Records for this exercise -
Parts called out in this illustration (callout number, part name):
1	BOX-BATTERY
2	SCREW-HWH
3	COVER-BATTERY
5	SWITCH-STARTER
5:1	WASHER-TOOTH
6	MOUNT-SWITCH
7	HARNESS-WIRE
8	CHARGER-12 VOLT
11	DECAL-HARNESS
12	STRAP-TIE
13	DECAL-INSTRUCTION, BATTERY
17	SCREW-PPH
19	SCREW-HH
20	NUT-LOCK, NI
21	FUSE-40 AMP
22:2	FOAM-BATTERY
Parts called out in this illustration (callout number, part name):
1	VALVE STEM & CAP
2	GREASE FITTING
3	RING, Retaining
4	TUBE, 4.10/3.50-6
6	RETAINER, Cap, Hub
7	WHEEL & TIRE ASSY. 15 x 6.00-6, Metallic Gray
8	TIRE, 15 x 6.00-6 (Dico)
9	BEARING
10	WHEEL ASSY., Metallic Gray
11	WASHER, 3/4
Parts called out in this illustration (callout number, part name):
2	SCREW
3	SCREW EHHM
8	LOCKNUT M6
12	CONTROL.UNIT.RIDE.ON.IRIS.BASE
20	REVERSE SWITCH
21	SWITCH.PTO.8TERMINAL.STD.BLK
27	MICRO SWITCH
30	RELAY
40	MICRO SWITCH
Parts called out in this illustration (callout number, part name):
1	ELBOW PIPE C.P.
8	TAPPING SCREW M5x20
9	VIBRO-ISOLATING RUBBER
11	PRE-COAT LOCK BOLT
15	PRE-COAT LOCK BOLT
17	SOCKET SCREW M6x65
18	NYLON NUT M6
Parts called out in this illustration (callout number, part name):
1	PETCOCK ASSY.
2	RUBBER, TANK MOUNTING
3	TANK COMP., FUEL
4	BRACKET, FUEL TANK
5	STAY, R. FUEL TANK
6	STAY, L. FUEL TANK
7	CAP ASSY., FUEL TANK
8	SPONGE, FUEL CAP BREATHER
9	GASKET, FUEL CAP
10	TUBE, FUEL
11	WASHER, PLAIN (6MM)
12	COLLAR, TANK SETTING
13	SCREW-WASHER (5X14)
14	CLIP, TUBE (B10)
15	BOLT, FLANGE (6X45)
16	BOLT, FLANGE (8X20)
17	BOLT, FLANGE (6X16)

Exercise aim - Within the data above, how many lines contain the word "Metallic"? Write only the number.

Result of this exercise - 2